■ **RECORDED INFORMATION**:
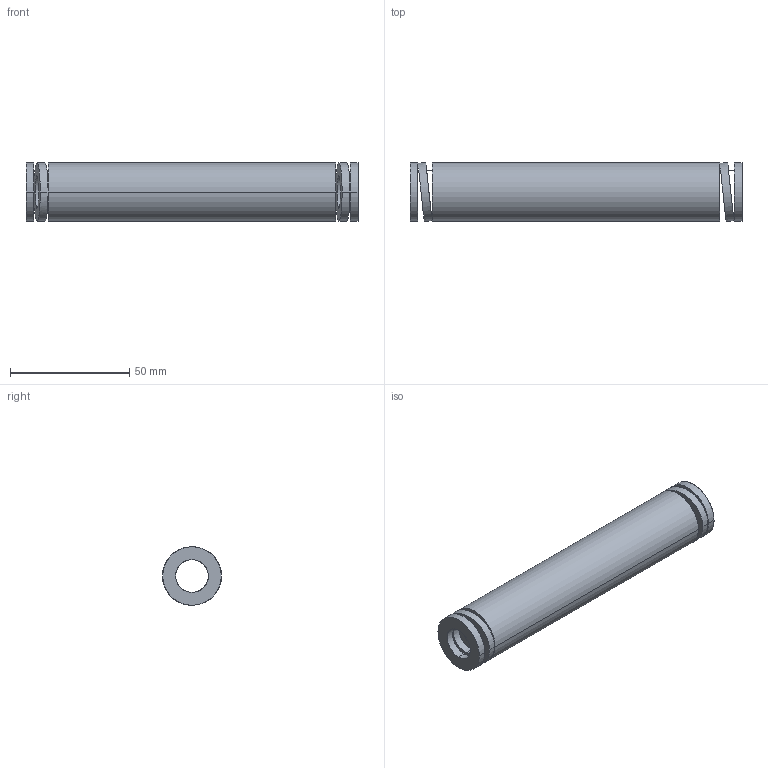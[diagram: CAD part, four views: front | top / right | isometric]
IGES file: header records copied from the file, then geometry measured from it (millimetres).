
Start section: START RECORD GO HERE.
Global section: file name: 392-B25-139.igs; native system: DASSAULT SYSTEMES CATIA V5 R20 - www.3ds.com; preprocessor: CATIA Version 5 Release 20 ; author: Utente; organization: NB04-ASUS; date: 20210813.094405; units: millimetre
Bounding box: 139 x 24.71 x 24.5 mm (x, y, z)
Surface area: 19270.4 mm2 (no closed solid volume)
Topology: 0 solids, 0 shells, 38 faces, 184 edges, 184 vertices
Faces by surface type: revolution 28, plane 10
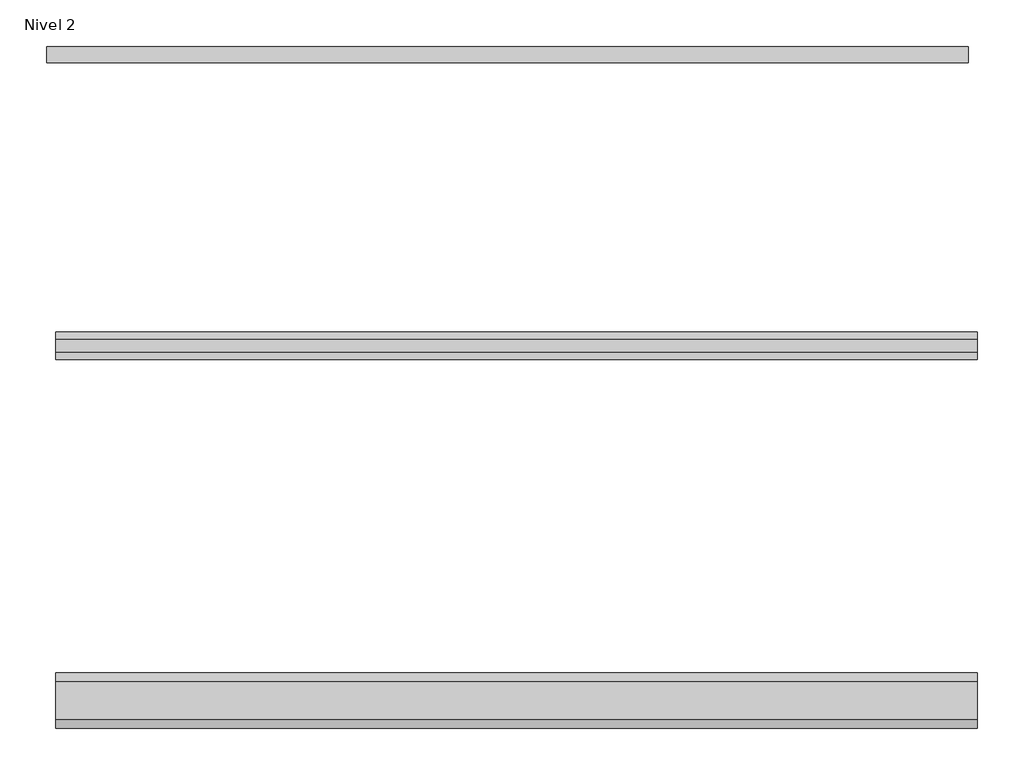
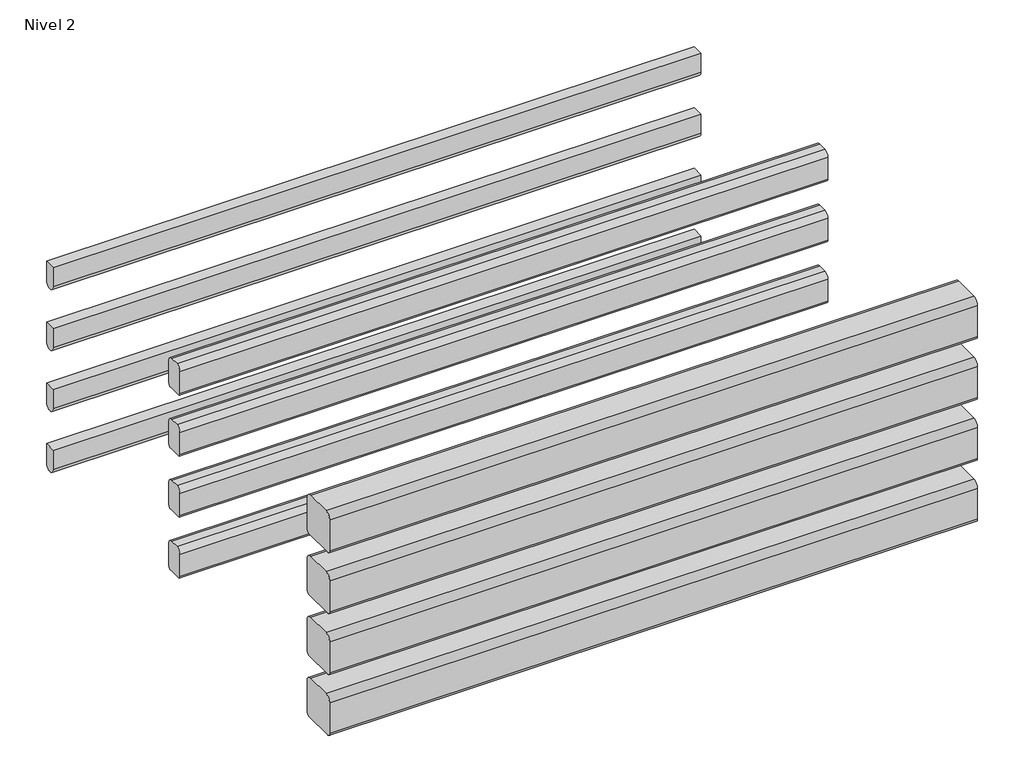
# One storey: 12 beams.
"""IFC4 building model written with IfcOpenShell, lengths in millimetres."""

import ifcopenshell
import ifcopenshell.guid

model = None  # the IFC model being written
_history = None  # IfcOwnerHistory: only IFC2X3 demands one
_inside = {}  # id of a spatial element -> (the spatial element, [elements in it])
_under = {}  # id of a project, library or spatial element -> (it, [spatial elements below it])
_declared = {}  # id of a project -> (the project, [libraries it declares])
_typed = {}  # id of a type object -> (the type object, [elements of that type])
_made_of = {}  # id of a material, layer set ... -> (it, [elements and type objects made of it])


def new_model(schema):
    """Start an empty IFC model of exactly this schema.

    Asked for "IFC4X3", IfcOpenShell would pick the latest addendum, in which some entities
    have other attributes; the version numbers below select the first issue.
    IFC2X3 requires an IfcOwnerHistory on every rooted entity: one is made here for all.
    """
    global model, _history
    if schema == "IFC4X3":
        model = ifcopenshell.file(schema_version=(4, 3, 0, 0))
    else:
        model = ifcopenshell.file(schema=schema)
    _inside.clear()
    _under.clear()
    _declared.clear()
    _typed.clear()
    _made_of.clear()
    _history = None
    if model.schema == "IFC2X3":
        org = make("IfcOrganization", Name="unknown")
        user = make(
            "IfcPersonAndOrganization",
            ThePerson=make("IfcPerson", FamilyName="unknown"),
            TheOrganization=org,
        )
        app = make(
            "IfcApplication",
            ApplicationDeveloper=org,
            Version="unknown",
            ApplicationFullName="unknown",
            ApplicationIdentifier="unknown",
        )
        _history = make(
            "IfcOwnerHistory",
            OwningUser=user,
            OwningApplication=app,
            ChangeAction="ADDED",
            CreationDate=0,
        )
    return model


def make(cls, **values):
    """One entity of the class cls with the attributes given. An attribute that is None is left unset."""
    return model.create_entity(
        cls, **{name: value for name, value in values.items() if value is not None}
    )


def rooted(cls, **values):
    """An entity with a GlobalId (a new one), such as an element, a storey or a relation."""
    return make(cls, GlobalId=ifcopenshell.guid.new(), OwnerHistory=_history, **values)


def si_unit(unit_type, name, prefix=None):
    """IfcSIUnit, for example si_unit("LENGTHUNIT", "METRE", prefix="MILLI")."""
    return make("IfcSIUnit", UnitType=unit_type, Prefix=prefix, Name=name)


def assignment(units):
    """IfcUnitAssignment: the units of a project."""
    return None if units is None else make("IfcUnitAssignment", Units=units)


def point(xyz):
    """IfcCartesianPoint."""
    return None if xyz is None else make("IfcCartesianPoint", Coordinates=xyz)


def direction(xyz):
    """IfcDirection."""
    return None if xyz is None else make("IfcDirection", DirectionRatios=xyz)


def frame(location, z_axis=None, x_axis=None):
    """IfcAxis2Placement3D, a coordinate frame: its origin and axes. An axis left out is left unset."""
    return make(
        "IfcAxis2Placement3D",
        Location=point(location),
        Axis=direction(z_axis),
        RefDirection=direction(x_axis),
    )


def frame_2d(location, x_axis=None):
    """IfcAxis2Placement2D, a coordinate frame in the plane: its origin and x axis."""
    return make(
        "IfcAxis2Placement2D", Location=point(location), RefDirection=direction(x_axis)
    )


def origin():
    """The frame at (0, 0, 0) with its axes left unset."""
    return frame((0.0, 0.0, 0.0))


def place(relative_to, where):
    """IfcLocalPlacement: puts the frame where relative to a parent placement (None: the world)."""
    return make(
        "IfcLocalPlacement", PlacementRelTo=relative_to, RelativePlacement=where
    )


def context(
    kind, dimensions, precision=None, world=None, true_north=None, identifier=None
):
    """IfcGeometricRepresentationContext, for example the 3D "Model" context."""
    return make(
        "IfcGeometricRepresentationContext",
        ContextIdentifier=identifier,
        ContextType=kind,
        CoordinateSpaceDimension=dimensions,
        Precision=precision,
        WorldCoordinateSystem=world,
        TrueNorth=true_north,
    )


def project(units=None, contexts=None):
    """IfcProject with its units and contexts."""
    return rooted(
        "IfcProject",
        Name="project",
        RepresentationContexts=contexts,
        UnitsInContext=assignment(units),
    )


def spatial(cls, under=None, at=None, **own):
    """A site, building, storey or space (cls), placed at a placement, below another one or the project."""
    s = rooted(cls, ObjectPlacement=at, **own)
    if under is not None:
        _under.setdefault(under.id(), (under, []))[1].append(s)
    return s


def polyline(points):
    """IfcPolyline through the points."""
    return make("IfcPolyline", Points=[point(p) for p in points])


def circle_curve(where, radius):
    """IfcCircle in the frame where."""
    return make("IfcCircle", Position=where, Radius=radius)


def trimmed(basis, trim1, trim2, sense, master):
    """IfcTrimmedCurve: the piece of a basis curve between two trims."""
    return make(
        "IfcTrimmedCurve",
        BasisCurve=basis,
        Trim1=trim1,
        Trim2=trim2,
        SenseAgreement=sense,
        MasterRepresentation=master,
    )


def segment(curve, same_sense, transition):
    """IfcCompositeCurveSegment."""
    return make(
        "IfcCompositeCurveSegment",
        Transition=transition,
        SameSense=same_sense,
        ParentCurve=curve,
    )


def composite_curve(segments, self_intersect=None):
    """IfcCompositeCurve: segments joined end to end."""
    return make("IfcCompositeCurve", Segments=segments, SelfIntersect=self_intersect)


def outline(outer, holes=None, kind="AREA"):
    """IfcArbitraryClosedProfileDef: a profile drawn as a closed curve; with holes, ...WithVoids."""
    if holes is None:
        return make("IfcArbitraryClosedProfileDef", ProfileType=kind, OuterCurve=outer)
    return make(
        "IfcArbitraryProfileDefWithVoids",
        ProfileType=kind,
        OuterCurve=outer,
        InnerCurves=holes,
    )


def extrude(swept, where, along, depth):
    """IfcExtrudedAreaSolid: the profile swept, set in the frame where, extruded along a direction by depth."""
    return make(
        "IfcExtrudedAreaSolid",
        SweptArea=swept,
        Position=where,
        ExtrudedDirection=direction(along),
        Depth=depth,
    )


def shape(context_of_items, identifier, shape_type, items):
    """IfcShapeRepresentation: the items that make up one representation, for example the "Body"."""
    return make(
        "IfcShapeRepresentation",
        ContextOfItems=context_of_items,
        RepresentationIdentifier=identifier,
        RepresentationType=shape_type,
        Items=items,
    )


def source(mapping_origin, context_of_items, identifier, shape_type, items):
    """IfcRepresentationMap: a shape defined once, which mapped items show again and again."""
    return make(
        "IfcRepresentationMap",
        MappingOrigin=mapping_origin,
        MappedRepresentation=shape(context_of_items, identifier, shape_type, items),
    )


def transform(
    local_origin,
    x_axis=None,
    y_axis=None,
    z_axis=None,
    scale=None,
    scale2=None,
    scale3=None,
    uniform=True,
):
    """IfcCartesianTransformationOperator3D, or its non-uniform kind. x_axis, y_axis, z_axis: its Axis1, 2, 3."""
    if uniform:
        return make(
            "IfcCartesianTransformationOperator3D",
            Axis1=direction(x_axis),
            Axis2=direction(y_axis),
            LocalOrigin=point(local_origin),
            Scale=scale,
            Axis3=direction(z_axis),
        )
    return make(
        "IfcCartesianTransformationOperator3DnonUniform",
        Axis1=direction(x_axis),
        Axis2=direction(y_axis),
        LocalOrigin=point(local_origin),
        Scale=scale,
        Axis3=direction(z_axis),
        Scale2=scale2,
        Scale3=scale3,
    )


def mapped(mapping_source, mapping_target):
    """IfcMappedItem: shows the shape of a source again, moved by a transform."""
    return make(
        "IfcMappedItem", MappingSource=mapping_source, MappingTarget=mapping_target
    )


def made_of(thing, what):
    """Note that an element or type object is made of a material, layer set ...; save() writes the relation."""
    if what is not None:
        _made_of.setdefault(what.id(), (what, []))[1].append(thing)
    return thing


def element(
    cls,
    number,
    at=None,
    inside=None,
    cuts=None,
    type_object=None,
    material=None,
    context=None,
    identifier="Body",
    shape_type=None,
    held_by="IfcProductDefinitionShape",
    body=None,
    shapes=None,
    **own,
):
    """One element of the class cls, such as IfcWall. Its Tag is "e" and its number.

    at: its placement. inside: the storey or other place that contains it. cuts: it is an
    opening in that element (IfcRelVoidsElement). A single representation is given by context,
    identifier, shape_type and body (its items); several are given by shapes. held_by: the class
    of the entity that holds the representations. save() writes the other relations.
    """
    e = rooted(cls, Tag="e%d" % number, ObjectPlacement=at, **own)
    if body is not None:
        shapes = [shape(context, identifier, shape_type, body)]
    if shapes is not None:
        e.Representation = make(held_by, Representations=shapes)
    if inside is not None:
        _inside.setdefault(inside.id(), (inside, []))[1].append(e)
    if cuts is not None:
        rooted(
            "IfcRelVoidsElement", RelatingBuildingElement=cuts, RelatedOpeningElement=e
        )
    if type_object is not None:
        _typed.setdefault(type_object.id(), (type_object, []))[1].append(e)
    return made_of(e, material)


def aggregate(whole, parts):
    """IfcRelAggregates: a whole, such as a stair, and the parts it consists of."""
    return rooted("IfcRelAggregates", RelatingObject=whole, RelatedObjects=parts)


def save(model, path):
    """Write the relations noted so far, then the file.

    IfcRelAggregates (storeys below a building ...), IfcRelContainedInSpatialStructure (elements
    in a storey), IfcRelDefinesByType, IfcRelAssociatesMaterial and IfcRelDeclares: one each for
    every whole, place, type object, material and project.
    """
    for whole, parts in _under.values():
        aggregate(whole, parts)
    for where, things in _inside.values():
        rooted(
            "IfcRelContainedInSpatialStructure",
            RelatedElements=things,
            RelatingStructure=where,
        )
    for kind, things in _typed.values():
        rooted("IfcRelDefinesByType", RelatedObjects=things, RelatingType=kind)
    for what, things in _made_of.values():
        rooted("IfcRelAssociatesMaterial", RelatedObjects=things, RelatingMaterial=what)
    for by, libraries in _declared.values():
        rooted("IfcRelDeclares", RelatingContext=by, RelatedDefinitions=libraries)
    model.write(path)


def vigueta_ladrillo_12_c73e1c85(model_context):
    return source(origin(), model_context, "Body", "SweptSolid", [
        extrude(outline(composite_curve([segment(polyline([(28.15, 63.4), (28.15, -35.25)]), True, "CONTINUOUS"), segment(trimmed(circle_curve(frame_2d((0.0, -35.25)), 28.15), [point((28.15, -35.25))], [point((-28.15, -35.25))], False, "CARTESIAN"), True, "CONTINUOUS"), segment(polyline([(-28.15, -35.25), (-28.15, 63.4), (28.15, 63.4)]), True, "CONTINUOUS")], self_intersect=False)), frame((-1582.7, 0.0, 0.0), z_axis=(1.0, 0.0, 0.0), x_axis=(0.0, 1.0, 0.0)), (0.0, 0.0, 1.0), 3165.4),
    ])


def vigueta_ladrillo_18_f427e08d(model_context):
    return source(origin(), model_context, "Body", "SweptSolid", [
        extrude(outline(composite_curve([segment(trimmed(circle_curve(frame_2d((21.9, 52.5)), 25.0), [point((21.9, 77.5))], [point((46.9, 52.5))], False, "CARTESIAN"), True, "CONTINUOUS"), segment(polyline([(46.9, 52.5), (46.9, -62.5)]), True, "CONTINUOUS"), segment(trimmed(circle_curve(frame_2d((31.9, -62.5)), 15.0), [point((46.9, -62.5))], [point((31.9, -77.5))], False, "CARTESIAN"), True, "CONTINUOUS"), segment(polyline([(31.9, -77.5), (-31.9, -77.5)]), True, "CONTINUOUS"), segment(trimmed(circle_curve(frame_2d((-31.9, -62.5)), 15.0), [point((-31.9, -77.5))], [point((-46.9, -62.5))], False, "CARTESIAN"), True, "CONTINUOUS"), segment(polyline([(-46.9, -62.5), (-46.9, 52.5)]), True, "CONTINUOUS"), segment(trimmed(circle_curve(frame_2d((-21.9, 52.5)), 25.0), [point((-46.9, 52.5))], [point((-21.9, 77.5))], False, "CARTESIAN"), True, "CONTINUOUS"), segment(polyline([(-21.9, 77.5), (21.9, 77.5)]), True, "CONTINUOUS")], self_intersect=False)), frame((-1582.7, 0.0, 0.0), z_axis=(1.0, 0.0, 0.0), x_axis=(0.0, 1.0, 0.0)), (0.0, 0.0, 1.0), 3165.4),
    ])


def vigueta_ladrillo_25_3ea38565(model_context):
    return source(origin(), model_context, "Body", "SweptSolid", [
        extrude(outline(composite_curve([segment(trimmed(circle_curve(frame_2d((64.7, 73.1)), 30.5), [point((64.7, 103.6))], [point((95.2, 73.1))], False, "CARTESIAN"), True, "CONTINUOUS"), segment(polyline([(95.2, 73.1), (95.2, -85.3)]), True, "CONTINUOUS"), segment(trimmed(circle_curve(frame_2d((76.9, -85.3)), 18.3), [point((95.2, -85.3))], [point((76.9, -103.6))], False, "CARTESIAN"), True, "CONTINUOUS"), segment(polyline([(76.9, -103.6), (-76.9, -103.6)]), True, "CONTINUOUS"), segment(trimmed(circle_curve(frame_2d((-76.9, -85.3)), 18.3), [point((-76.9, -103.6))], [point((-95.2, -85.3))], False, "CARTESIAN"), True, "CONTINUOUS"), segment(polyline([(-95.2, -85.3), (-95.2, 73.1)]), True, "CONTINUOUS"), segment(trimmed(circle_curve(frame_2d((-64.7, 73.1)), 30.5), [point((-95.2, 73.1))], [point((-64.7, 103.6))], False, "CARTESIAN"), True, "CONTINUOUS"), segment(polyline([(-64.7, 103.6), (64.7, 103.6)]), True, "CONTINUOUS")], self_intersect=False)), frame((-1582.7, 0.0, 0.0), z_axis=(1.0, 0.0, 0.0), x_axis=(0.0, 1.0, 0.0)), (0.0, 0.0, 1.0), 3165.4),
    ])


model = new_model("IFC4")

# Units and contexts
model_context = context("Model", 3, world=origin())
ifc_project = project(units=[si_unit("LENGTHUNIT", "METRE", prefix="MILLI")], contexts=[model_context])

# Site, building, storey
site = spatial("IfcSite", under=ifc_project)
building = spatial("IfcBuilding", under=site)
storey = spatial("IfcBuildingStorey", under=building, Name="Nivel 2", Elevation=2400.0)

# Beams
placement = place(None, origin())
vigueta_ladrillo_12_shape = vigueta_ladrillo_12_c73e1c85(model_context)
element("IfcBeam", 1, ObjectType="Vigueta Ladrillo 12 : Ladrillo Exacta 12", at=placement, inside=storey, context=model_context, shape_type="MappedRepresentation", body=[
    mapped(vigueta_ladrillo_12_shape, transform((-4170.33894, 10977.2625708, 1196.6), x_axis=(1.0, 0.0, 0.0), y_axis=(0.0, 1.0, 0.0), z_axis=(0.0, 0.0, 1.0))),
])
element("IfcBeam", 2, ObjectType="Vigueta Ladrillo 12 : Ladrillo Exacta 12", at=placement, inside=storey, context=model_context, shape_type="MappedRepresentation", body=[
    mapped(vigueta_ladrillo_12_shape, transform((-4170.33894, 10977.2625708, 1511.6), x_axis=(1.0, 0.0, 0.0), y_axis=(0.0, 1.0, 0.0), z_axis=(0.0, 0.0, 1.0))),
])
element("IfcBeam", 3, ObjectType="Vigueta Ladrillo 12 : Ladrillo Exacta 12", at=placement, inside=storey, context=model_context, shape_type="MappedRepresentation", body=[
    mapped(vigueta_ladrillo_12_shape, transform((-4170.33894, 10977.2625708, 1826.6), x_axis=(1.0, 0.0, 0.0), y_axis=(0.0, 1.0, 0.0), z_axis=(0.0, 0.0, 1.0))),
])
element("IfcBeam", 4, ObjectType="Vigueta Ladrillo 12 : Ladrillo Exacta 12", at=placement, inside=storey, context=model_context, shape_type="MappedRepresentation", body=[
    mapped(vigueta_ladrillo_12_shape, transform((-4170.33894, 10977.2625708, 2141.6), x_axis=(1.0, 0.0, 0.0), y_axis=(0.0, 1.0, 0.0), z_axis=(0.0, 0.0, 1.0))),
])
vigueta_ladrillo_18_shape = vigueta_ladrillo_18_f427e08d(model_context)
element("IfcBeam", 5, ObjectType="Vigueta Ladrillo 18 : Ladrillo Exacta 18", at=placement, inside=storey, context=model_context, shape_type="MappedRepresentation", body=[
    mapped(vigueta_ladrillo_18_shape, transform((-4139.08894, 9977.2625708, 1277.5), x_axis=(1.0, 0.0, 0.0), y_axis=(0.0, 1.0, 0.0), z_axis=(0.0, 0.0, 1.0))),
])
element("IfcBeam", 6, ObjectType="Vigueta Ladrillo 18 : Ladrillo Exacta 18", at=placement, inside=storey, context=model_context, shape_type="MappedRepresentation", body=[
    mapped(vigueta_ladrillo_18_shape, transform((-4139.08894, 9977.2625708, 1592.5), x_axis=(1.0, 0.0, 0.0), y_axis=(0.0, 1.0, 0.0), z_axis=(0.0, 0.0, 1.0))),
])
element("IfcBeam", 7, ObjectType="Vigueta Ladrillo 18 : Ladrillo Exacta 18", at=placement, inside=storey, context=model_context, shape_type="MappedRepresentation", body=[
    mapped(vigueta_ladrillo_18_shape, transform((-4139.08894, 9977.2625708, 1907.5), x_axis=(1.0, 0.0, 0.0), y_axis=(0.0, 1.0, 0.0), z_axis=(0.0, 0.0, 1.0))),
])
element("IfcBeam", 8, ObjectType="Vigueta Ladrillo 18 : Ladrillo Exacta 18", at=placement, inside=storey, context=model_context, shape_type="MappedRepresentation", body=[
    mapped(vigueta_ladrillo_18_shape, transform((-4139.08894, 9977.2625708, 2222.5), x_axis=(1.0, 0.0, 0.0), y_axis=(0.0, 1.0, 0.0), z_axis=(0.0, 0.0, 1.0))),
])
vigueta_ladrillo_25_shape = vigueta_ladrillo_25_3ea38565(model_context)
element("IfcBeam", 9, ObjectType="Vigueta Ladrillo 25 : Ladrillo Exacta 25", at=placement, inside=storey, context=model_context, shape_type="MappedRepresentation", body=[
    mapped(vigueta_ladrillo_25_shape, transform((-4139.08894, 8758.4418251, 1256.4), x_axis=(1.0, 0.0, 0.0), y_axis=(0.0, 1.0, 0.0), z_axis=(0.0, 0.0, 1.0))),
])
element("IfcBeam", 10, ObjectType="Vigueta Ladrillo 25 : Ladrillo Exacta 25", at=placement, inside=storey, context=model_context, shape_type="MappedRepresentation", body=[
    mapped(vigueta_ladrillo_25_shape, transform((-4139.08894, 8758.4418251, 1571.4), x_axis=(1.0, 0.0, 0.0), y_axis=(0.0, 1.0, 0.0), z_axis=(0.0, 0.0, 1.0))),
])
element("IfcBeam", 11, ObjectType="Vigueta Ladrillo 25 : Ladrillo Exacta 25", at=placement, inside=storey, context=model_context, shape_type="MappedRepresentation", body=[
    mapped(vigueta_ladrillo_25_shape, transform((-4139.08894, 8758.4418251, 1886.4), x_axis=(1.0, 0.0, 0.0), y_axis=(0.0, 1.0, 0.0), z_axis=(0.0, 0.0, 1.0))),
])
element("IfcBeam", 12, ObjectType="Vigueta Ladrillo 25 : Ladrillo Exacta 25", at=placement, inside=storey, context=model_context, shape_type="MappedRepresentation", body=[
    mapped(vigueta_ladrillo_25_shape, transform((-4139.08894, 8758.4418251, 2201.4), x_axis=(1.0, 0.0, 0.0), y_axis=(0.0, 1.0, 0.0), z_axis=(0.0, 0.0, 1.0))),
])

save(model, "model.ifc")

■ **WHAT IS BEING ASKED**:
Reproduce the records above from their first line to the line bearing "model = None", both ends included, leaving every picture out.

■ **EXERCISE RESPONSE**:
[diagram: CAD part, four views: front | top / right | isometric]
IGES file: header records copied from the file, then geometry measured from it (millimetres).
Start section: START RECORD GO HERE.
Global section: file name: 392-B25-139.igs; native system: DASSAULT SYSTEMES CATIA V5 R20 - www.3ds.com; preprocessor: CATIA Version 5 Release 20 ; author: Utente; organization: NB04-ASUS; date: 20210813.094405; units: millimetre
Bounding box: 139 x 24.71 x 24.5 mm (x, y, z)
Surface area: 19270.4 mm2 (no closed solid volume)
Topology: 0 solids, 0 shells, 38 faces, 184 edges, 184 vertices
Faces by surface type: revolution 28, plane 10
# One storey: 12 beams.
"""IFC4 building model written with IfcOpenShell, lengths in millimetres."""

import ifcopenshell
import ifcopenshell.guid

model = None  # the IFC model being written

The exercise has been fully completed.